Elendil the Tall was really tall: a head taller than most Númenóreans, apparently, and they were a really tall bunch of folks. Thingol was taller still: Elves who knew both Elendil and Thingol could confirm it. And one thing about Elves, at least until the end of the Third Age: they were reliable witnesses with excellent memories, and none of them ever met anyone taller than Thingol, not even Elendil. But Elendil was still really tall, even for a Númenórean. 

Now how tall does that make Aragorn? And if Melian was attracted to Thingol in part because he was incredibly tall, was her great-great-great-granddaughter Arwen attracted to Aragorn in part because he was unusually tall?



Ron Simpson said:


> Olorgando: your suggestion was a bit of a stretch (ahem).

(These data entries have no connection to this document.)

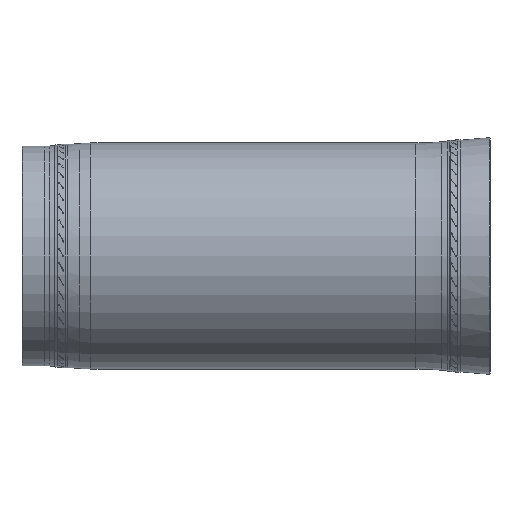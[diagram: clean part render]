
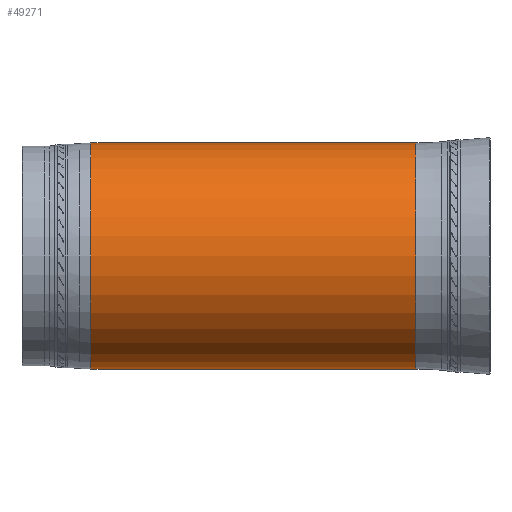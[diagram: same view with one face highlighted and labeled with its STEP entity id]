
A CAD part, left-side view. The second image highlights one B-rep face of the part: STEP entity #49271.
In plain terms, the highlighted cylindrical face has radius 267.5 mm (diameter 535 mm), a partial arc.
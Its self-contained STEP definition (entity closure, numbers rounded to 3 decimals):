
#38055=CARTESIAN_POINT('Axis2P3D Location',(0.,-383.862,0.)) ;
#38059=CARTESIAN_POINT('Vertex',(0.,-383.862,-267.5)) ;
#38061=CARTESIAN_POINT('Vertex',(0.,-383.862,267.5)) ;
#49241=CARTESIAN_POINT('Axis2P3D Location',(0.,-5.75,0.)) ;
#49246=CARTESIAN_POINT('Axis2P3D Location',(0.,384.755,0.)) ;
#49250=CARTESIAN_POINT('Vertex',(0.,384.755,-267.5)) ;
#49252=CARTESIAN_POINT('Vertex',(0.,384.755,267.5)) ;
#49255=CARTESIAN_POINT('Line Origine',(0.,0.446,-267.5)) ;
#49260=CARTESIAN_POINT('Line Origine',(0.,0.446,267.5)) ;
#38056=DIRECTION('Axis2P3D Direction',(0.,1.,0.)) ;
#49242=DIRECTION('Axis2P3D Direction',(0.,1.,0.)) ;
#49243=DIRECTION('Axis2P3D XDirection',(0.,0.,1.)) ;
#49247=DIRECTION('Axis2P3D Direction',(0.,1.,0.)) ;
#49256=DIRECTION('Vector Direction',(0.,1.,0.)) ;
#49261=DIRECTION('Vector Direction',(0.,1.,0.)) ;
#38057=AXIS2_PLACEMENT_3D('Circle Axis2P3D',#38055,#38056,$) ;
#49244=AXIS2_PLACEMENT_3D('Cylinder Axis2P3D',#49241,#49242,#49243) ;
#49248=AXIS2_PLACEMENT_3D('Circle Axis2P3D',#49246,#49247,$) ;
#49266=ORIENTED_EDGE('',*,*,#49254,.F.) ;
#49267=ORIENTED_EDGE('',*,*,#49259,.T.) ;
#49268=ORIENTED_EDGE('',*,*,#38063,.T.) ;
#49269=ORIENTED_EDGE('',*,*,#49264,.F.) ;
#49257=VECTOR('Line Direction',#49256,1.) ;
#49262=VECTOR('Line Direction',#49261,1.) ;
#49271=ADVANCED_FACE('Corps principal',(#49270),#49245,.T.) ;
#38058=CIRCLE('generated circle',#38057,267.5) ;
#49249=CIRCLE('generated circle',#49248,267.5) ;
#49245=CYLINDRICAL_SURFACE('generated cylinder',#49244,267.5) ;
#38063=EDGE_CURVE('',#38060,#38062,#38058,.T.) ;
#49254=EDGE_CURVE('',#49251,#49253,#49249,.T.) ;
#49259=EDGE_CURVE('',#49251,#38060,#49258,.F.) ;
#49264=EDGE_CURVE('',#49253,#38062,#49263,.F.) ;
#49265=EDGE_LOOP('',(#49266,#49267,#49268,#49269)) ;
#49270=FACE_OUTER_BOUND('',#49265,.T.) ;
#49258=LINE('Line',#49255,#49257) ;
#49263=LINE('Line',#49260,#49262) ;
#38060=VERTEX_POINT('',#38059) ;
#38062=VERTEX_POINT('',#38061) ;
#49251=VERTEX_POINT('',#49250) ;
#49253=VERTEX_POINT('',#49252) ;
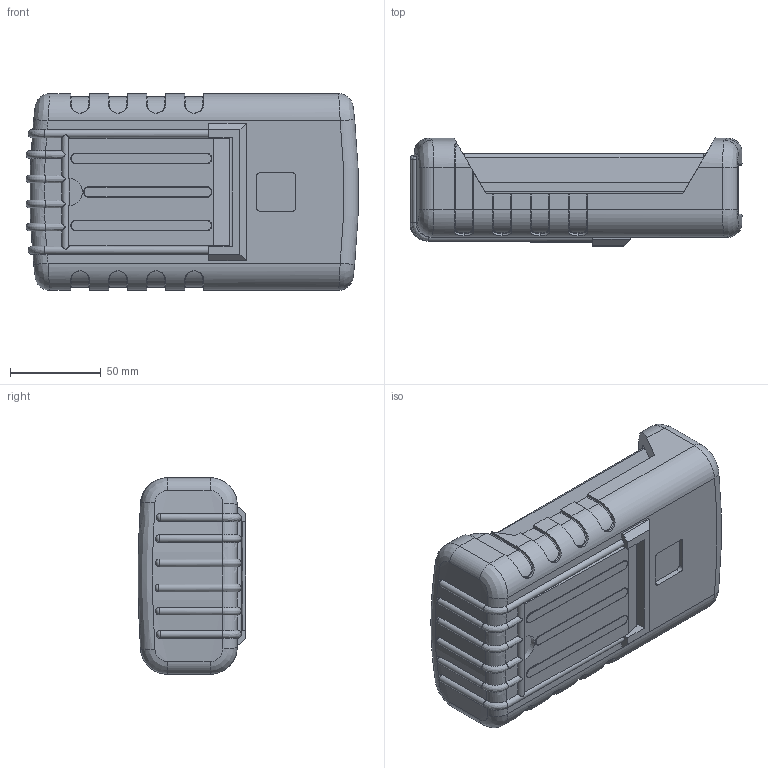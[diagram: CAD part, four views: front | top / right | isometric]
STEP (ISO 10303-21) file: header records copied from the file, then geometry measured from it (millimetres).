
FILE_DESCRIPTION (( 'STEP AP214' ), '1' );
FILE_NAME ('91-42-NO-E-R.STEP', '2020-10-17T15:51:25', ( 'Rudy' ), ( '' ), 'SwSTEP 2.0', 'SolidWorks 2014', '' );
FILE_SCHEMA (( 'AUTOMOTIVE_DESIGN' ));
Length unit declared in the file: millimetre
Products named in the file (8): 90 PCB NO; 90 LCD Expander; 91 LCD Top; 90-no bat-Shallow bottom; 91-42-NO-E-R; 90 RBE Boot; RE 90 stand
Assembly tree (7 placements, depth 3):
  91-42-NO-E-R
    90-no bat-Shallow bottom
    91 LCD Top
    90 LCD Expander
    90 PCB NO
    90 RBE Boot
      90 RBE Boot
      RE 90 stand
Bounding box: 183.26 x 59.56 x 108.46 mm (x, y, z)
Volume: 417644.4 mm3; surface area: 209757 mm2
Topology: 6 solids, 6 shells, 836 faces, 2176 edges, 1391 vertices
Faces by surface type: plane 411, cylinder 247, bspline 76, cone 56, torus 41, sphere 5
Entity records: 32569 total; most frequent: CARTESIAN_POINT 12210, ORIENTED_EDGE 4344, DIRECTION 4023, EDGE_CURVE 2172, AXIS2_PLACEMENT_3D 1411, VERTEX_POINT 1391, VECTOR 1201, LINE 1201
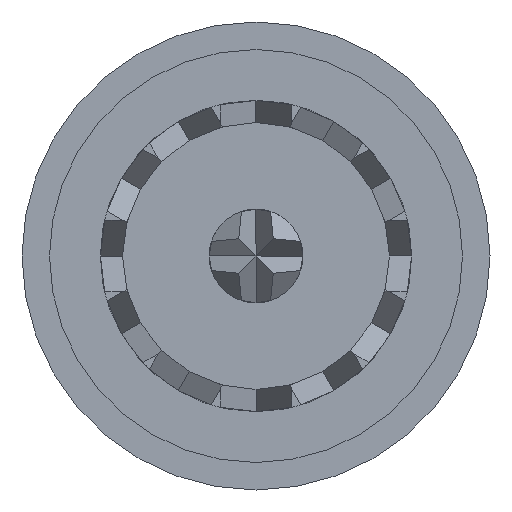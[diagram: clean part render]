
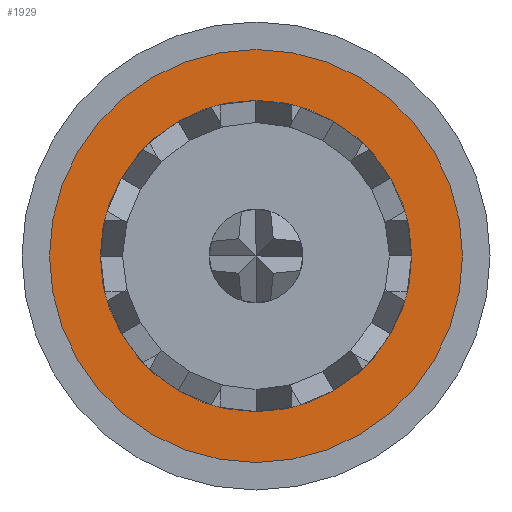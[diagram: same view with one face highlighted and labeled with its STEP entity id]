
A CAD part, left-side view. The second image highlights one B-rep face of the part: STEP entity #1929.
In plain terms, the highlighted planar face has unit normal (-1, 0, 0).
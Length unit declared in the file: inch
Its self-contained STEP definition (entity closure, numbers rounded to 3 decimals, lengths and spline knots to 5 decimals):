
#258 = PLANE ( 'NONE',  #1019 ) ;
#272 = CARTESIAN_POINT ( 'NONE',  ( 0., 0., 0.075 ) ) ;
#381 = DIRECTION ( 'NONE',  ( 0., 0., -1. ) ) ;
#628 = CIRCLE ( 'NONE', #1578, 0.0565 ) ;
#711 = CARTESIAN_POINT ( 'NONE',  ( 0., 0., 0.0565 ) ) ;
#724 = CARTESIAN_POINT ( 'NONE',  ( 0., 0., 0. ) ) ;
#837 = CIRCLE ( 'NONE', #3367, 0.075 ) ;
#947 = VERTEX_POINT ( 'NONE', #272 ) ;
#1012 = CARTESIAN_POINT ( 'NONE',  ( 0., 0., 0. ) ) ;
#1019 = AXIS2_PLACEMENT_3D ( 'NONE', #1696, #4087, #4133 ) ;
#1043 = DIRECTION ( 'NONE',  ( 0., 0., -1. ) ) ;
#1057 = EDGE_CURVE ( 'NONE', #2953, #947, #837, .T. ) ;
#1253 = FACE_OUTER_BOUND ( 'NONE', #1910, .T. ) ;
#1336 = ORIENTED_EDGE ( 'NONE', *, *, #2664, .T. ) ;
#1467 = CARTESIAN_POINT ( 'NONE',  ( 0., 0., 0. ) ) ;
#1578 = AXIS2_PLACEMENT_3D ( 'NONE', #4502, #4160, #1043 ) ;
#1696 = CARTESIAN_POINT ( 'NONE',  ( 0., 0.0565, 0. ) ) ;
#1749 = AXIS2_PLACEMENT_3D ( 'NONE', #1012, #2683, #3741 ) ;
#1820 = CIRCLE ( 'NONE', #1749, 0.0565 ) ;
#1910 = EDGE_LOOP ( 'NONE', ( #3544, #4116 ) ) ;
#1929 = ADVANCED_FACE ( 'NONE', ( #4064, #1253 ), #258, .T. ) ;
#2094 = EDGE_CURVE ( 'NONE', #947, #2953, #3853, .T. ) ;
#2193 = DIRECTION ( 'NONE',  ( 0., 0., -1. ) ) ;
#2205 = CARTESIAN_POINT ( 'NONE',  ( 0., 0., -0.075 ) ) ;
#2512 = DIRECTION ( 'NONE',  ( 1., 0., 0. ) ) ;
#2664 = EDGE_CURVE ( 'NONE', #3383, #4264, #1820, .T. ) ;
#2683 = DIRECTION ( 'NONE',  ( 1., 0., 0. ) ) ;
#2807 = DIRECTION ( 'NONE',  ( 1., 0., 0. ) ) ;
#2953 = VERTEX_POINT ( 'NONE', #2205 ) ;
#3367 = AXIS2_PLACEMENT_3D ( 'NONE', #724, #2807, #381 ) ;
#3383 = VERTEX_POINT ( 'NONE', #711 ) ;
#3544 = ORIENTED_EDGE ( 'NONE', *, *, #1057, .F. ) ;
#3557 = AXIS2_PLACEMENT_3D ( 'NONE', #1467, #2512, #2193 ) ;
#3738 = ORIENTED_EDGE ( 'NONE', *, *, #4391, .T. ) ;
#3741 = DIRECTION ( 'NONE',  ( 0., 0., -1. ) ) ;
#3853 = CIRCLE ( 'NONE', #3557, 0.075 ) ;
#3953 = EDGE_LOOP ( 'NONE', ( #3738, #1336 ) ) ;
#4064 = FACE_BOUND ( 'NONE', #3953, .T. ) ;
#4087 = DIRECTION ( 'NONE',  ( -1., 0., 0. ) ) ;
#4116 = ORIENTED_EDGE ( 'NONE', *, *, #2094, .F. ) ;
#4133 = DIRECTION ( 'NONE',  ( 0., 0., 1. ) ) ;
#4160 = DIRECTION ( 'NONE',  ( 1., 0., 0. ) ) ;
#4264 = VERTEX_POINT ( 'NONE', #4408 ) ;
#4391 = EDGE_CURVE ( 'NONE', #4264, #3383, #628, .T. ) ;
#4408 = CARTESIAN_POINT ( 'NONE',  ( 0., 0., -0.0565 ) ) ;
#4502 = CARTESIAN_POINT ( 'NONE',  ( 0., 0., 0. ) ) ;
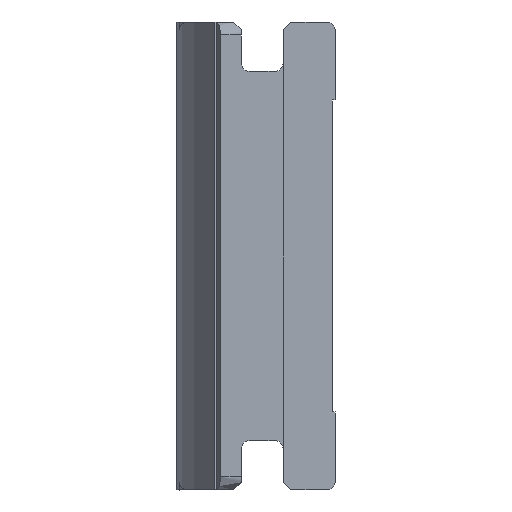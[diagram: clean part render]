
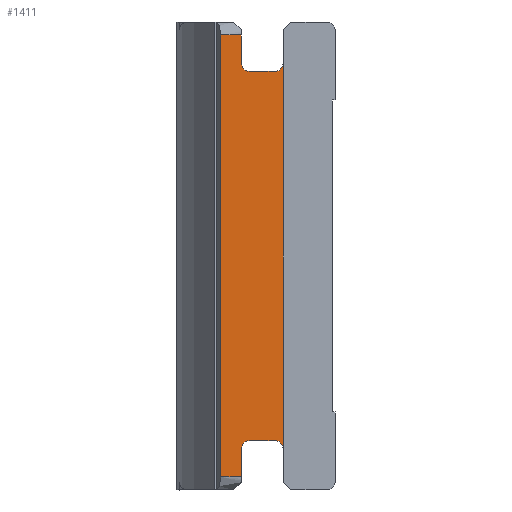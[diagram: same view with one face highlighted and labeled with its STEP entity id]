
A CAD part, left-side view. The second image highlights one B-rep face of the part: STEP entity #1411.
In plain terms, the highlighted planar face has unit normal (-1, 0, 0).
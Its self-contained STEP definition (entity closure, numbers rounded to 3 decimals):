
#2 = ORIENTED_EDGE ( 'NONE', *, *, #1082, .T. ) ;
#34 = FACE_OUTER_BOUND ( 'NONE', #576, .T. ) ;
#36 = EDGE_CURVE ( 'NONE', #179, #1028, #1617, .T. ) ;
#46 = CARTESIAN_POINT ( 'NONE',  ( 10., 3.2, 7.1 ) ) ;
#91 = VECTOR ( 'NONE', #1597, 1000. ) ;
#108 = VERTEX_POINT ( 'NONE', #1238 ) ;
#118 = CARTESIAN_POINT ( 'NONE',  ( 10., 1.9, 8.5 ) ) ;
#119 = CARTESIAN_POINT ( 'NONE',  ( 10., 3.2, 7.1 ) ) ;
#148 = DIRECTION ( 'NONE',  ( 0., 0., -1. ) ) ;
#171 = VERTEX_POINT ( 'NONE', #235 ) ;
#173 = LINE ( 'NONE', #1146, #465 ) ;
#179 = VERTEX_POINT ( 'NONE', #1393 ) ;
#190 = AXIS2_PLACEMENT_3D ( 'NONE', #879, #290, #148 ) ;
#214 = CARTESIAN_POINT ( 'NONE',  ( 10., 1.9, -7.4 ) ) ;
#228 = CIRCLE ( 'NONE', #1193, 0.3 ) ;
#232 = EDGE_CURVE ( 'NONE', #1396, #921, #953, .T. ) ;
#233 = CARTESIAN_POINT ( 'NONE',  ( 10., 3.5, 8.7 ) ) ;
#235 = CARTESIAN_POINT ( 'NONE',  ( 10., 3.5, 8.5 ) ) ;
#253 = VECTOR ( 'NONE', #1382, 1000. ) ;
#267 = DIRECTION ( 'NONE',  ( 0., -1., 0. ) ) ;
#279 = CIRCLE ( 'NONE', #190, 0.3 ) ;
#289 = EDGE_CURVE ( 'NONE', #1407, #484, #279, .T. ) ;
#290 = DIRECTION ( 'NONE',  ( -1., 0., 0. ) ) ;
#316 = DIRECTION ( 'NONE',  ( 0., 0., 1. ) ) ;
#341 = AXIS2_PLACEMENT_3D ( 'NONE', #1618, #474, #1183 ) ;
#368 = ORIENTED_EDGE ( 'NONE', *, *, #1641, .F. ) ;
#395 = LINE ( 'NONE', #119, #678 ) ;
#428 = EDGE_CURVE ( 'NONE', #921, #1407, #1558, .T. ) ;
#465 = VECTOR ( 'NONE', #752, 1000. ) ;
#471 = PLANE ( 'NONE',  #1067 ) ;
#474 = DIRECTION ( 'NONE',  ( -1., 0., 0. ) ) ;
#484 = VERTEX_POINT ( 'NONE', #707 ) ;
#489 = CARTESIAN_POINT ( 'NONE',  ( 10., 3.5, 7.4 ) ) ;
#504 = EDGE_CURVE ( 'NONE', #1778, #1396, #395, .T. ) ;
#541 = DIRECTION ( 'NONE',  ( 0., 0., -1. ) ) ;
#554 = VECTOR ( 'NONE', #837, 1000. ) ;
#576 = EDGE_LOOP ( 'NONE', ( #995, #816, #685, #2, #1184, #1780, #809, #1118, #979, #1179, #1339, #368 ) ) ;
#581 = CARTESIAN_POINT ( 'NONE',  ( 10., 3.2, 7.4 ) ) ;
#641 = CARTESIAN_POINT ( 'NONE',  ( 10., 4.3, -29.536 ) ) ;
#678 = VECTOR ( 'NONE', #267, 1000. ) ;
#685 = ORIENTED_EDGE ( 'NONE', *, *, #1684, .F. ) ;
#707 = CARTESIAN_POINT ( 'NONE',  ( 10., 2.2, -7.1 ) ) ;
#746 = DIRECTION ( 'NONE',  ( 0., 1., 0. ) ) ;
#752 = DIRECTION ( 'NONE',  ( 0., -1., 0. ) ) ;
#779 = VERTEX_POINT ( 'NONE', #489 ) ;
#809 = ORIENTED_EDGE ( 'NONE', *, *, #1124, .F. ) ;
#816 = ORIENTED_EDGE ( 'NONE', *, *, #1555, .T. ) ;
#825 = EDGE_CURVE ( 'NONE', #1426, #179, #228, .T. ) ;
#827 = EDGE_CURVE ( 'NONE', #171, #779, #1841, .T. ) ;
#837 = DIRECTION ( 'NONE',  ( 0., 0., -1. ) ) ;
#860 = CARTESIAN_POINT ( 'NONE',  ( 10., 4.3, 8.5 ) ) ;
#873 = LINE ( 'NONE', #118, #1545 ) ;
#879 = CARTESIAN_POINT ( 'NONE',  ( 10., 2.2, -7.4 ) ) ;
#921 = VERTEX_POINT ( 'NONE', #1532 ) ;
#944 = VECTOR ( 'NONE', #316, 1000. ) ;
#953 = CIRCLE ( 'NONE', #341, 0.3 ) ;
#974 = CARTESIAN_POINT ( 'NONE',  ( 10., 3.2, -7.1 ) ) ;
#979 = ORIENTED_EDGE ( 'NONE', *, *, #428, .F. ) ;
#995 = ORIENTED_EDGE ( 'NONE', *, *, #827, .F. ) ;
#1028 = VERTEX_POINT ( 'NONE', #1592 ) ;
#1066 = CARTESIAN_POINT ( 'NONE',  ( 10., 3.5, -8.7 ) ) ;
#1067 = AXIS2_PLACEMENT_3D ( 'NONE', #1551, #1383, #541 ) ;
#1082 = EDGE_CURVE ( 'NONE', #108, #1028, #173, .T. ) ;
#1112 = CARTESIAN_POINT ( 'NONE',  ( 10., 3.2, -7.4 ) ) ;
#1118 = ORIENTED_EDGE ( 'NONE', *, *, #289, .F. ) ;
#1124 = EDGE_CURVE ( 'NONE', #484, #1426, #1284, .T. ) ;
#1146 = CARTESIAN_POINT ( 'NONE',  ( 10., 1.9, -8.5 ) ) ;
#1158 = DIRECTION ( 'NONE',  ( -1., 0., 0. ) ) ;
#1166 = DIRECTION ( 'NONE',  ( 0., 1., 0. ) ) ;
#1179 = ORIENTED_EDGE ( 'NONE', *, *, #232, .F. ) ;
#1183 = DIRECTION ( 'NONE',  ( 0., 0., -1. ) ) ;
#1184 = ORIENTED_EDGE ( 'NONE', *, *, #36, .F. ) ;
#1193 = AXIS2_PLACEMENT_3D ( 'NONE', #1112, #1539, #1690 ) ;
#1215 = VERTEX_POINT ( 'NONE', #860 ) ;
#1216 = CIRCLE ( 'NONE', #1363, 0.3 ) ;
#1238 = CARTESIAN_POINT ( 'NONE',  ( 10., 4.3, -8.5 ) ) ;
#1284 = LINE ( 'NONE', #1711, #1524 ) ;
#1339 = ORIENTED_EDGE ( 'NONE', *, *, #504, .F. ) ;
#1363 = AXIS2_PLACEMENT_3D ( 'NONE', #581, #1158, #1731 ) ;
#1382 = DIRECTION ( 'NONE',  ( 0., 0., -1. ) ) ;
#1383 = DIRECTION ( 'NONE',  ( 1., 0., 0. ) ) ;
#1393 = CARTESIAN_POINT ( 'NONE',  ( 10., 3.5, -7.4 ) ) ;
#1396 = VERTEX_POINT ( 'NONE', #1799 ) ;
#1407 = VERTEX_POINT ( 'NONE', #214 ) ;
#1411 = ADVANCED_FACE ( 'NONE', ( #34 ), #471, .F. ) ;
#1421 = CARTESIAN_POINT ( 'NONE',  ( 10., 1.9, -29.536 ) ) ;
#1426 = VERTEX_POINT ( 'NONE', #974 ) ;
#1467 = LINE ( 'NONE', #641, #944 ) ;
#1524 = VECTOR ( 'NONE', #746, 1000. ) ;
#1532 = CARTESIAN_POINT ( 'NONE',  ( 10., 1.9, 7.4 ) ) ;
#1539 = DIRECTION ( 'NONE',  ( -1., 0., 0. ) ) ;
#1545 = VECTOR ( 'NONE', #1166, 1000. ) ;
#1551 = CARTESIAN_POINT ( 'NONE',  ( 10., 1.9, -29.536 ) ) ;
#1555 = EDGE_CURVE ( 'NONE', #171, #1215, #873, .T. ) ;
#1558 = LINE ( 'NONE', #1421, #554 ) ;
#1592 = CARTESIAN_POINT ( 'NONE',  ( 10., 3.5, -8.5 ) ) ;
#1597 = DIRECTION ( 'NONE',  ( 0., 0., -1. ) ) ;
#1617 = LINE ( 'NONE', #1066, #91 ) ;
#1618 = CARTESIAN_POINT ( 'NONE',  ( 10., 2.2, 7.4 ) ) ;
#1641 = EDGE_CURVE ( 'NONE', #779, #1778, #1216, .T. ) ;
#1684 = EDGE_CURVE ( 'NONE', #108, #1215, #1467, .T. ) ;
#1690 = DIRECTION ( 'NONE',  ( 0., 0., -1. ) ) ;
#1711 = CARTESIAN_POINT ( 'NONE',  ( 10., 3.2, -7.1 ) ) ;
#1731 = DIRECTION ( 'NONE',  ( 0., 0., -1. ) ) ;
#1778 = VERTEX_POINT ( 'NONE', #46 ) ;
#1780 = ORIENTED_EDGE ( 'NONE', *, *, #825, .F. ) ;
#1799 = CARTESIAN_POINT ( 'NONE',  ( 10., 2.2, 7.1 ) ) ;
#1841 = LINE ( 'NONE', #233, #253 ) ;

But at any rate, the attraction certainly wasn't about his humility. He came off as someone who was a bit high on himself and ignored wise counsel.


A lot of fathers don’t see clearly where their daughters are concerned, especially if they don’t like her boyfriend! Thingol _was_ very wise indeed, but Melian was wiser and saw further; and she waited to contradict him, gently, when Beren and Lúthien were no longer able to overhear her. Likewise, Celeborn the Wise lost his temper when the Company of the Ring told him about the Balrog in Moria; Galadriel gently remonstrated him, though unlike Thingol (likely Celeborn’s uncle, whom he had known personally: he might even have been witness to Melian’s remonstration of Thingol), he accepted his wife’s redirection.


----------



## Ron Simpson (Oct 7, 2019)

Whilst Thingol may have been wise, he was also both prideful and stubborn, and those latter qualities eventually cost him his life - and in a rather ignominious fashion. You’ve got to admit that he made some pretty dumb choices at critical junctures (IMHO). Here are a few that come to mind: 

1. Battle of UnNumbered Tears: only permitted Beleg to go. Doriath’s participation would certainly have tipped the scales for the Noldor (notwithstanding the ‘treachery of men’). Wasn’t Thingol’s reasoning faulty since he knew that only the sons of Feanor participated in the kinslaying? 
2. Silmaril Dowry: clearly a bad choice that ensnared him in the doom. He did not relent or call off the quest despite Melian's objections.
3. OverBearing Haughtiness: How about calmly placing the Nauglamir on a table, walking upstairs to the throne room and summoning the guard to detain those greedy dwarf-smiths instead of challenging them alone? Didn't think that one through. ( calls to mind Proverbs 16:18: “pride goeth before destruction, and a haughty spirit before a fall “) 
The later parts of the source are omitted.